Antiwar veterans of the U.S. wars in Iraq and Afghanistan took their case to Capitol Hill Thursday, baring their souls with stories of killings of innocent civilians, torture and wrongful detentions.
"On several occasions our convoys came upon bodies that had been lying on the road, sometimes for weeks," said Marine Corps veteran Vincent Emanuele, who served in al-Qaim near the Syrian border in 2004 and 2005.
"When encountering these bodies standard procedure was to run over the corpses, sometimes even stopping and taking pictures, which was also standard practice when encountering the dead in Iraq," he told the Congressional Progressive Caucus, which organized the hearing.
Emanuele also said that U.S. military personnel often took "pot shots" at cars passing by.
"Our rules of engagement stated that we should first fire warning shots into the ground in front of the car, then the engine block, and the windshield. That is if the car was even moving in the first place," he said. "Many times cars that actually had pulled off to the side of the road were also shot at."

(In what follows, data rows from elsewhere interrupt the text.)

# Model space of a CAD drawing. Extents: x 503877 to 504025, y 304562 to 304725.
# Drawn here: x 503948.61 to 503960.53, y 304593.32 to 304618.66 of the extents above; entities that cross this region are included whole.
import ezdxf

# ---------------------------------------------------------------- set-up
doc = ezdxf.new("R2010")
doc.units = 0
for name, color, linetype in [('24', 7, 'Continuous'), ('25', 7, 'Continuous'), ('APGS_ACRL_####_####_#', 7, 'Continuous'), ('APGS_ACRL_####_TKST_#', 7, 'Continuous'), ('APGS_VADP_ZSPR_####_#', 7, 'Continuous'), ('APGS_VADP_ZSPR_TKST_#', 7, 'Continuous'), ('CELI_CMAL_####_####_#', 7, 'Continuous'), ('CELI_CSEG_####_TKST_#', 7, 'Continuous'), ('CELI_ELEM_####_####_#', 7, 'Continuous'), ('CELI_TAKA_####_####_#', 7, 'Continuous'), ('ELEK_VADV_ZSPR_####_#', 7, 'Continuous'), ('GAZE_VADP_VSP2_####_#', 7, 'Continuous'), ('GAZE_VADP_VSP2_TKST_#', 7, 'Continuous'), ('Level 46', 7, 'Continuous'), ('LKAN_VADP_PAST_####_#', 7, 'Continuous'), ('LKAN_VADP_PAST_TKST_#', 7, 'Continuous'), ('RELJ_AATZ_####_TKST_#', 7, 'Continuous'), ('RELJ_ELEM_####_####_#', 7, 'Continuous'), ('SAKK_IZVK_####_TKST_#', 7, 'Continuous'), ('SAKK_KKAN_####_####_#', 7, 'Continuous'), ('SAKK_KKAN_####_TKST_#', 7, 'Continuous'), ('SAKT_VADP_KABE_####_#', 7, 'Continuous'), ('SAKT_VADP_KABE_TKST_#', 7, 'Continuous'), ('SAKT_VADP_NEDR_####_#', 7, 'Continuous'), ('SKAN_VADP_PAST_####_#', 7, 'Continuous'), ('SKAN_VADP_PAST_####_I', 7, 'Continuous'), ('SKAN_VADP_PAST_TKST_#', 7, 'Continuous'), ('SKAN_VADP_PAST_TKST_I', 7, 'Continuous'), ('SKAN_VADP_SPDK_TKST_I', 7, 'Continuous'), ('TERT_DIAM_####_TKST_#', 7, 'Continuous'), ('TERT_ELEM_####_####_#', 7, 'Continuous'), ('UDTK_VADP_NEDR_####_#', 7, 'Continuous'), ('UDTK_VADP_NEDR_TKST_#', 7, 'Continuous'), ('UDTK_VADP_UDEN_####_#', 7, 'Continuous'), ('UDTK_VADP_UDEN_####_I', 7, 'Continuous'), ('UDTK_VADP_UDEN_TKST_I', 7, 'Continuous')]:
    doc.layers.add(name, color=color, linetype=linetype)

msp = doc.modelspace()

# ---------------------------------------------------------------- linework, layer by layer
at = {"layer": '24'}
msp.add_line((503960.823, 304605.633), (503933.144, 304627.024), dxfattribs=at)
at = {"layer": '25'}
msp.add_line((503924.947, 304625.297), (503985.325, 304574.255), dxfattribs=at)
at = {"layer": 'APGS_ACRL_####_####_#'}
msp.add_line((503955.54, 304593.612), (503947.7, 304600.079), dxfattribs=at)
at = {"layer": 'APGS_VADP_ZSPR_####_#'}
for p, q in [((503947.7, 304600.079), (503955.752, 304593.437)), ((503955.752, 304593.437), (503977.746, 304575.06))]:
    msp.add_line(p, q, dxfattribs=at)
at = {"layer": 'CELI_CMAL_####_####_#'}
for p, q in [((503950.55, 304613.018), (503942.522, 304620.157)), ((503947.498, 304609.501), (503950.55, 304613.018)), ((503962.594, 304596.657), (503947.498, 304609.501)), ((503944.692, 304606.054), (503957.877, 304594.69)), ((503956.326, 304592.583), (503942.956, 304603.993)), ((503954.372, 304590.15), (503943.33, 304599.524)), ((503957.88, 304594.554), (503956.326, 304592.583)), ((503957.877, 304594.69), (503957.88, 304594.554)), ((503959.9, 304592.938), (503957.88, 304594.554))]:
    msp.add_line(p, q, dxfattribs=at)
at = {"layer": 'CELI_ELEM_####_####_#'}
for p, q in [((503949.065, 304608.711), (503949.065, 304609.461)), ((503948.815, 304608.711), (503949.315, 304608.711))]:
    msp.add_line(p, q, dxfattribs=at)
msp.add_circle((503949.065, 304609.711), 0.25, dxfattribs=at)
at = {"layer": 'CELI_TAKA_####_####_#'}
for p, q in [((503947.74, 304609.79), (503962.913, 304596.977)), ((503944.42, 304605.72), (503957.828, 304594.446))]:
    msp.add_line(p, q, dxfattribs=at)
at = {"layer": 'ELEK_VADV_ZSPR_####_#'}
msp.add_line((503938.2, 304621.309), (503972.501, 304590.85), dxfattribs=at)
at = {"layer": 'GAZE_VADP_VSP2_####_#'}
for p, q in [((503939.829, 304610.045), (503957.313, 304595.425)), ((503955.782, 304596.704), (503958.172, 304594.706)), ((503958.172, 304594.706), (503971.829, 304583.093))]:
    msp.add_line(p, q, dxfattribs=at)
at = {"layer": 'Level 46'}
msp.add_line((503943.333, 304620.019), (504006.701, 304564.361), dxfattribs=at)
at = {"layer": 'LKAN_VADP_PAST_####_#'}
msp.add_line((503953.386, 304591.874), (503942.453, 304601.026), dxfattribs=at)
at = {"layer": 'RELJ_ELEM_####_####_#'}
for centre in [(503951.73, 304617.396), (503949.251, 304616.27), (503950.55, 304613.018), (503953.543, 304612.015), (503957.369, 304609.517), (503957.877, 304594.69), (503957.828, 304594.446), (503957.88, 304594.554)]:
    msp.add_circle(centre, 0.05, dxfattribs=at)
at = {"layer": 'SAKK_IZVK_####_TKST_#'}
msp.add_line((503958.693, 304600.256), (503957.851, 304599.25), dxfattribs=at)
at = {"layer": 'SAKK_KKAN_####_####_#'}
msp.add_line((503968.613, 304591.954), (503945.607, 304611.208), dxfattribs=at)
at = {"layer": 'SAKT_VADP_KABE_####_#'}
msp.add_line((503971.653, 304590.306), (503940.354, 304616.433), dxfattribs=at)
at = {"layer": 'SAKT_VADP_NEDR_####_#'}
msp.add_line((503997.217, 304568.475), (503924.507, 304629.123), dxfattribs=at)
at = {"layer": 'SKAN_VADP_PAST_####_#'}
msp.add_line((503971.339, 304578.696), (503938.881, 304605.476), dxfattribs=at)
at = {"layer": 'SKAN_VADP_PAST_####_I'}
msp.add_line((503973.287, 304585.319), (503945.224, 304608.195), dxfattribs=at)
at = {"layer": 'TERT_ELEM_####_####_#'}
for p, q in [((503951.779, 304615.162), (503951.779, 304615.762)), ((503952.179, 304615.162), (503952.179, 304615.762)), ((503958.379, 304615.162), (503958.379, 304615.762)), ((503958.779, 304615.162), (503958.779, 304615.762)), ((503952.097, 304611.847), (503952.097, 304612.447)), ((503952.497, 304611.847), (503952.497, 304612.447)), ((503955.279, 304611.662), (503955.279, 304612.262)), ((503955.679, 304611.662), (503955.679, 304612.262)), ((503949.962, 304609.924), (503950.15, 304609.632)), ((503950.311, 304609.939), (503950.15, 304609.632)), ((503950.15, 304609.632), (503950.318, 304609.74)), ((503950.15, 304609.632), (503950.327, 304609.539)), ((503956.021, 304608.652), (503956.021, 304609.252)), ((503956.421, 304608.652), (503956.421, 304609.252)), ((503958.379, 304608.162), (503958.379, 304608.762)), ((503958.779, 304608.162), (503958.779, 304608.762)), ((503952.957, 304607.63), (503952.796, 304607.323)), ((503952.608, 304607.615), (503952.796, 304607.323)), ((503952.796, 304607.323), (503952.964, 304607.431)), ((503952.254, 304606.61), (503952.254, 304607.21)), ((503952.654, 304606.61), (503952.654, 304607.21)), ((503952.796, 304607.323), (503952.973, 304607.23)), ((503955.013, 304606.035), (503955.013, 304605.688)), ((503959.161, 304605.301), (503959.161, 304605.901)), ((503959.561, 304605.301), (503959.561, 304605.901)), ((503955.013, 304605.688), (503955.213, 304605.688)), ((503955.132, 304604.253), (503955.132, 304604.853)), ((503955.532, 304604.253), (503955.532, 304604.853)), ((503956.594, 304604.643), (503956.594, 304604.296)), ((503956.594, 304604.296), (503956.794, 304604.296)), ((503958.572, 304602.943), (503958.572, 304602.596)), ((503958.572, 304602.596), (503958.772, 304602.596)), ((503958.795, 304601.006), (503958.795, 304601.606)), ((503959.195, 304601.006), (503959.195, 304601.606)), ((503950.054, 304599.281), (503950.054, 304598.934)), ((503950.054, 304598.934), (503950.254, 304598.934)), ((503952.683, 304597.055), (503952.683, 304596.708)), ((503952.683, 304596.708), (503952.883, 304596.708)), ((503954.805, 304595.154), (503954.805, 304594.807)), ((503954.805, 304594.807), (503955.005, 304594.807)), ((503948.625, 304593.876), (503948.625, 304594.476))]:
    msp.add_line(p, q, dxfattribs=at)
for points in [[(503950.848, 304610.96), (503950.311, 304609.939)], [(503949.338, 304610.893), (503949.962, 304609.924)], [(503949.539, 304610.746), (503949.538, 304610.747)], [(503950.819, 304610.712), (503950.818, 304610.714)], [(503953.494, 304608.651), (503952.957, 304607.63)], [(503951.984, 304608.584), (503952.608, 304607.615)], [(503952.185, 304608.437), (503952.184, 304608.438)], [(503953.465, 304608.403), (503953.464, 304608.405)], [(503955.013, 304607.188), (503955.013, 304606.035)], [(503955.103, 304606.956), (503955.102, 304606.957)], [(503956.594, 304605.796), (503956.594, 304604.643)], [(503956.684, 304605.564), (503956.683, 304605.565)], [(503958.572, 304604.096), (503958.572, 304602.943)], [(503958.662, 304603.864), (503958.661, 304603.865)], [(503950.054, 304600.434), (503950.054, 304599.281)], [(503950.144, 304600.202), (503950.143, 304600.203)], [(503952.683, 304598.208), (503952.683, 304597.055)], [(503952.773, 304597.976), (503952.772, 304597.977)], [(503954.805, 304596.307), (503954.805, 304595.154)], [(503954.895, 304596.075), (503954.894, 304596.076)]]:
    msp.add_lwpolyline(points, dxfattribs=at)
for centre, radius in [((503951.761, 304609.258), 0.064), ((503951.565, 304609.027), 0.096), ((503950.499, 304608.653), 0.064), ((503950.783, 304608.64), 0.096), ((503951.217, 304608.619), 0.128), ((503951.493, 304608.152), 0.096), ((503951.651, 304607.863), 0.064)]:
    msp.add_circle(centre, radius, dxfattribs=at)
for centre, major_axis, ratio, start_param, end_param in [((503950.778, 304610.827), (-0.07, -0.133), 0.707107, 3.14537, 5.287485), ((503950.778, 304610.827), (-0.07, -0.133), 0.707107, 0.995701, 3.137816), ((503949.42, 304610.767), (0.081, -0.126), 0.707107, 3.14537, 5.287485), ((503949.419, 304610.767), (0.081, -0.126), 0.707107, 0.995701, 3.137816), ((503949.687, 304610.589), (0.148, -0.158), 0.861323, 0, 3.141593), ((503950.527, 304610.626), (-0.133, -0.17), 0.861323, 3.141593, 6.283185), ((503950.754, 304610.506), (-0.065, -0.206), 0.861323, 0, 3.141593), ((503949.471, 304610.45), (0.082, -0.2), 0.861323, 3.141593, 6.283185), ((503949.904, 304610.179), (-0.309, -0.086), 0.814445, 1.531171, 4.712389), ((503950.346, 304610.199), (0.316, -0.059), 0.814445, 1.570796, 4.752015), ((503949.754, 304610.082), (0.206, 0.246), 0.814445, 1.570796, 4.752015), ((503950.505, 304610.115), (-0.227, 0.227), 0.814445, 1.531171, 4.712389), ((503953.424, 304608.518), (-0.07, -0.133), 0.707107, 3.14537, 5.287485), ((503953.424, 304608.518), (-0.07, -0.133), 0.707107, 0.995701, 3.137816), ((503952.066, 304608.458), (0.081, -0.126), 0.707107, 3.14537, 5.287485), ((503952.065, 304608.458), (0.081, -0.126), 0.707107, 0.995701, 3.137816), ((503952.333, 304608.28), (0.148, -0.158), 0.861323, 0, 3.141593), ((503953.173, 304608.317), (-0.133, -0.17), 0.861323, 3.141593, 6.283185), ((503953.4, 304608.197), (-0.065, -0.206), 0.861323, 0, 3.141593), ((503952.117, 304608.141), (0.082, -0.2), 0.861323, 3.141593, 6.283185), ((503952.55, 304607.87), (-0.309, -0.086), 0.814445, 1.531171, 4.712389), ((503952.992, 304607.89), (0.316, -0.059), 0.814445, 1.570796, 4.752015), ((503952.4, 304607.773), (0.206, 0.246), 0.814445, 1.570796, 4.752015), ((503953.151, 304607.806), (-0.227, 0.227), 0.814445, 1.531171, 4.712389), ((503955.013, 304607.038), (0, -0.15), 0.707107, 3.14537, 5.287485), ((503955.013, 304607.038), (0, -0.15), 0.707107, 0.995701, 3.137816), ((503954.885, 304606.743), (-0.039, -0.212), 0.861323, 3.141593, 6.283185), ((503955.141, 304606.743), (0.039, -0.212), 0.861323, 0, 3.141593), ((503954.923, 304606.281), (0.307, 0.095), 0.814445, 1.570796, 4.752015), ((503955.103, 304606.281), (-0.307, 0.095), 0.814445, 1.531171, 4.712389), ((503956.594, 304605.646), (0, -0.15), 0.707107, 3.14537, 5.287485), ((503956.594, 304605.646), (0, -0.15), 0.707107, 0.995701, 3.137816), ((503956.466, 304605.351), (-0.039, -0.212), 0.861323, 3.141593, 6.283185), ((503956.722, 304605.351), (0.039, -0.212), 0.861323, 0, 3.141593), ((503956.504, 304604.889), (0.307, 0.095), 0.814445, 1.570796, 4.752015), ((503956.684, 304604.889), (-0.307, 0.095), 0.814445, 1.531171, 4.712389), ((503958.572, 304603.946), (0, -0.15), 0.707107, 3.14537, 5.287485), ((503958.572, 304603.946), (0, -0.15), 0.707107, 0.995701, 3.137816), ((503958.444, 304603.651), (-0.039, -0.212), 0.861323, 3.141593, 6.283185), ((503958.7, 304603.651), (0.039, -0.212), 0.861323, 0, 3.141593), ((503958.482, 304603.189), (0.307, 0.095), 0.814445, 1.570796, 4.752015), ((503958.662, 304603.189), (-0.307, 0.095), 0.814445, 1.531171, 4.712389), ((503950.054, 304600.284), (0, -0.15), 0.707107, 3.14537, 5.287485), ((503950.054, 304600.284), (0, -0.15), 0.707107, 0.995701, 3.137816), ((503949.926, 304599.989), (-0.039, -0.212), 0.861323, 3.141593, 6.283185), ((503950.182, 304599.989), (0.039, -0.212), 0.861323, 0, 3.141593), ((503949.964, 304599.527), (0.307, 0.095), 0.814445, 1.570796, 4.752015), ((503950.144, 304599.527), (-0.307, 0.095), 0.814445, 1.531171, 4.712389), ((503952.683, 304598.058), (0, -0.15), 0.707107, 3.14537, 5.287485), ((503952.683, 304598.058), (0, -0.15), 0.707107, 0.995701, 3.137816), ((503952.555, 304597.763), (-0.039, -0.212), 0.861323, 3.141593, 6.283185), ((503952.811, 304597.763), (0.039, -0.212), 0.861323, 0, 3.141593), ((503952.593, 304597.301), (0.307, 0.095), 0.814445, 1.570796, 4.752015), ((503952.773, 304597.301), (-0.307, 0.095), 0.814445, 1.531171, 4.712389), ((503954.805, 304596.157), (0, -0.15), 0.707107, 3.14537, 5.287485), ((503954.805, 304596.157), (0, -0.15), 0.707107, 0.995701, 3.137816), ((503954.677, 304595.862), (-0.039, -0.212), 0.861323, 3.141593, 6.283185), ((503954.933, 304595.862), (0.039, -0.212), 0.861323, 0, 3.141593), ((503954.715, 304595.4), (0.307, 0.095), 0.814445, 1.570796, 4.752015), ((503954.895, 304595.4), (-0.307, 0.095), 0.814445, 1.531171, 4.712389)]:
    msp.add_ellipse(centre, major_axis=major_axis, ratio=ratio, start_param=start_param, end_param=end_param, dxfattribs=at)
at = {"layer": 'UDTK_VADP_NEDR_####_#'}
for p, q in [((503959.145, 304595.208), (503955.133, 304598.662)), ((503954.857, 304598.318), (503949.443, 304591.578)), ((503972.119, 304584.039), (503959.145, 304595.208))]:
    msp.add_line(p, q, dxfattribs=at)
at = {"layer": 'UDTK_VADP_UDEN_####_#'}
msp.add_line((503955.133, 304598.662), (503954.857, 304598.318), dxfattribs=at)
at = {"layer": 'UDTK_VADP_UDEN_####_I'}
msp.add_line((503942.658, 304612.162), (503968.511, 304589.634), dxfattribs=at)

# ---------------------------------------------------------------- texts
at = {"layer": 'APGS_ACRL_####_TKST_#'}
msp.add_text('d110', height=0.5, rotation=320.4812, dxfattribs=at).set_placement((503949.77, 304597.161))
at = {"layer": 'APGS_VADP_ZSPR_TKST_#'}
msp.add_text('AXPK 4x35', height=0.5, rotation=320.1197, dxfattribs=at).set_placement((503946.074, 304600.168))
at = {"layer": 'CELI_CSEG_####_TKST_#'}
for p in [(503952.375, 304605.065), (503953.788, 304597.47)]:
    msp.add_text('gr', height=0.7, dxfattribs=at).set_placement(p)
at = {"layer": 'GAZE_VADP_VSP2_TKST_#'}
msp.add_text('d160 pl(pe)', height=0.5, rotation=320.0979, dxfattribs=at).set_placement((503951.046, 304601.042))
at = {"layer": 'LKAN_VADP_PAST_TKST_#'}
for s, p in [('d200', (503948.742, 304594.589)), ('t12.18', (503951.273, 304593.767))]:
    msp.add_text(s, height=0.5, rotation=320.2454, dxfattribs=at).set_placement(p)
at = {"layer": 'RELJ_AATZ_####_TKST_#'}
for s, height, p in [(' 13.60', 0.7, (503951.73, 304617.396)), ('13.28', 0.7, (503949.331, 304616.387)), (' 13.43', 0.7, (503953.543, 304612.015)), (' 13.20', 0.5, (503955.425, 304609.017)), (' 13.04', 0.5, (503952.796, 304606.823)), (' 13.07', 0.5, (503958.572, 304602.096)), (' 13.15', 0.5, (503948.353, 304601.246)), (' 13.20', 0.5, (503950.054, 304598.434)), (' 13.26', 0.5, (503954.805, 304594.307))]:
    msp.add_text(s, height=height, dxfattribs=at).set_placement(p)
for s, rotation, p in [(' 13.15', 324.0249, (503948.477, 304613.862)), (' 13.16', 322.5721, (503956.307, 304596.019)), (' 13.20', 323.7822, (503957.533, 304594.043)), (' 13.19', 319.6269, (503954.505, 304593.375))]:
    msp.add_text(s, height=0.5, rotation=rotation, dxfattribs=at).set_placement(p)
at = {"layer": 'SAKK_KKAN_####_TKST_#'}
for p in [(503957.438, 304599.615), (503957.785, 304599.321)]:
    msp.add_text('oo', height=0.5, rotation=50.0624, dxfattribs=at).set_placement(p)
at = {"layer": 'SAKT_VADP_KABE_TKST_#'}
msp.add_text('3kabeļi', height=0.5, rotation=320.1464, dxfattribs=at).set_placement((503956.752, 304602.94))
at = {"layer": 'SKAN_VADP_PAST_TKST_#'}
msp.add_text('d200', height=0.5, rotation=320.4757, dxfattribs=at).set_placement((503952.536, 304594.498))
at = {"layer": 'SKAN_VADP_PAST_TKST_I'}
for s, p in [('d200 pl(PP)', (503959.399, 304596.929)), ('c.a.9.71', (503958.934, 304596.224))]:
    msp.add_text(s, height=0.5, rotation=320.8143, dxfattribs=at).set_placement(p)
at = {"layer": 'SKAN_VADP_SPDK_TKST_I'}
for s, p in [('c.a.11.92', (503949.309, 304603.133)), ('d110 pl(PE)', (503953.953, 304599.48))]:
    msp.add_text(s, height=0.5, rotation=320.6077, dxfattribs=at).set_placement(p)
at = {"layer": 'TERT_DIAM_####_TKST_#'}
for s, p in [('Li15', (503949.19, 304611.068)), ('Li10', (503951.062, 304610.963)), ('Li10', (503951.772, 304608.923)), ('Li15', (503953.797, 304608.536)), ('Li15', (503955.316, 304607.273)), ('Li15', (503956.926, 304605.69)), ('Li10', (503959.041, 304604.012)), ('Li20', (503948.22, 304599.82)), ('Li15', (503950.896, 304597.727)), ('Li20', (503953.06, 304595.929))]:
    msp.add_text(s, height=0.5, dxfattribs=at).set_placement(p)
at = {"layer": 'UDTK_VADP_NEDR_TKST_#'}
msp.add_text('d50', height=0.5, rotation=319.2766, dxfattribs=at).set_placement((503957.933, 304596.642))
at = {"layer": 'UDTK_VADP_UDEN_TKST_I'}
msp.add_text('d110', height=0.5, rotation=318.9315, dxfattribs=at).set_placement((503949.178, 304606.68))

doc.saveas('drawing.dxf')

Thursday’s hearing was an outgrowth of an event in Maryland earlier this year called "Winter Soldier: Iraq and Afghanistan Eyewitness Accounts of the Occupations." For four days in March, dozens of veterans of the two wars testified about atrocities they personally committed or witnessed while deployed overseas.
At the time, many of the veterans expressed a desire to take their case to Capitol Hill. Thursday they got their wish.
Congresswoman Lynn Woolsey (D-CA), the co-chair of the Congressional Progressive Caucus, addressed a panel of veterans at the start of the hearing.
"We now have an opportunity to hear not from the military’s top brass but directly from you," she said, "the very soldiers who put your lives on the line to carry out this president’s failed policies."
Nine veterans of the Iraq war told their stories before members of Congress and a packed gallery. One of the veterans had also served in Afghanistan. About 40 veterans were in the audience.
The veterans spoke about extremely lax rules of engagement handed down by commanding officers, which they said virtually guaranteed atrocities would be committed, and which in turn created a violent backlash among Iraqi people and a continued cycle of violence.
Former U.S. Army Capt. Luis Carlos Montalvan served directly under Gen. David Petraeus in 2005 and 2006.
"We have beaten our drum to try to raise the issue of the dereliction of duty committed by a number of generals who have been promoted and promoted again and continue to perpetuate the lies [that] paint a rosy picture of the situation in Iraq," he said.
Montalvan said he personally witnessed U.S. military personnel carrying out waterboarding, the mock-drowning interrogation technique that has long been considered torture by U.S. courts.
Former Srgt. Adam Kokesh presented a picture of himself standing, smiling, in front of a dead Iraqi civilian that another marine had shot.
"This is a picture that I’m very ashamed of, having posed with this dead Iraqi as a trophy picture," he said. "But what felt awkward to me at the time was not so much that I was taking the picture, but the fact that I had not killed this man and I was taking a trophy from somebody else’s kill."
Kokesh said the person in the trophy photo was an innocent civilian whose car was accidentally "lit up" by marines.
Kokesh referenced similar photos that surfaced during and after the Vietnam war some of which were presented at a "Winter Soldier" gathering organized by Vietnam veterans 37 years ago.
"At the first Winter Soldier investigation in 1971, one of the Vietnam veterans held up a similar photograph and said ‘Don’t ever let your government do this to you. Don’t ever let your government put you in a position where this attitude towards death and disregard for human life is acceptable or common.’ And we are still doing this to service members every day as long as these occupations continue," he added.
Kokesh said his Marine Corps Civil Affairs team, including a major, was present when the trophy photo was taken. Numerous other marines also snapped their picture with the corpse, he said.
Members of Iraq Veterans Against the War hope this week’s hearing will spark an investigation by a full Congressional committee and speed the end of the wars.
Rep. Maxine Waters (D-CA) praised the veterans who spoke Thursday. "I want to thank you for having more courage than many members of Congress have for coming here in defiance of what you have been instructed and taught to do," she said. "They attempted to tell you that you should be satisfied by everything that you saw and everything that you did and everything you witnessed, but you’re not. I praise and honor you for that."
The veterans’ testimony, however, may be overshadowed by an unrelated legislative maneuver that occurred just steps away from their hearing room Thursday: the House of Representatives defeated a $162.5 billion proposal to continue funding the wars in Iraq and Afghanistan.
While many antiwar activists were elated by the news from the House floor, their victory will likely be only symbolic, and short-lived.
President George W. Bush had threatened to veto the spending bill anyway, citing the time line it would have imposed for withdrawing troops, and what he described as unnecessary domestic spending. Knowing that, and angered over the way Democratic leaders handled the bill, 131 Republicans abstained from the vote. That left those who opposed the new funding with a surprising plurality of the vote.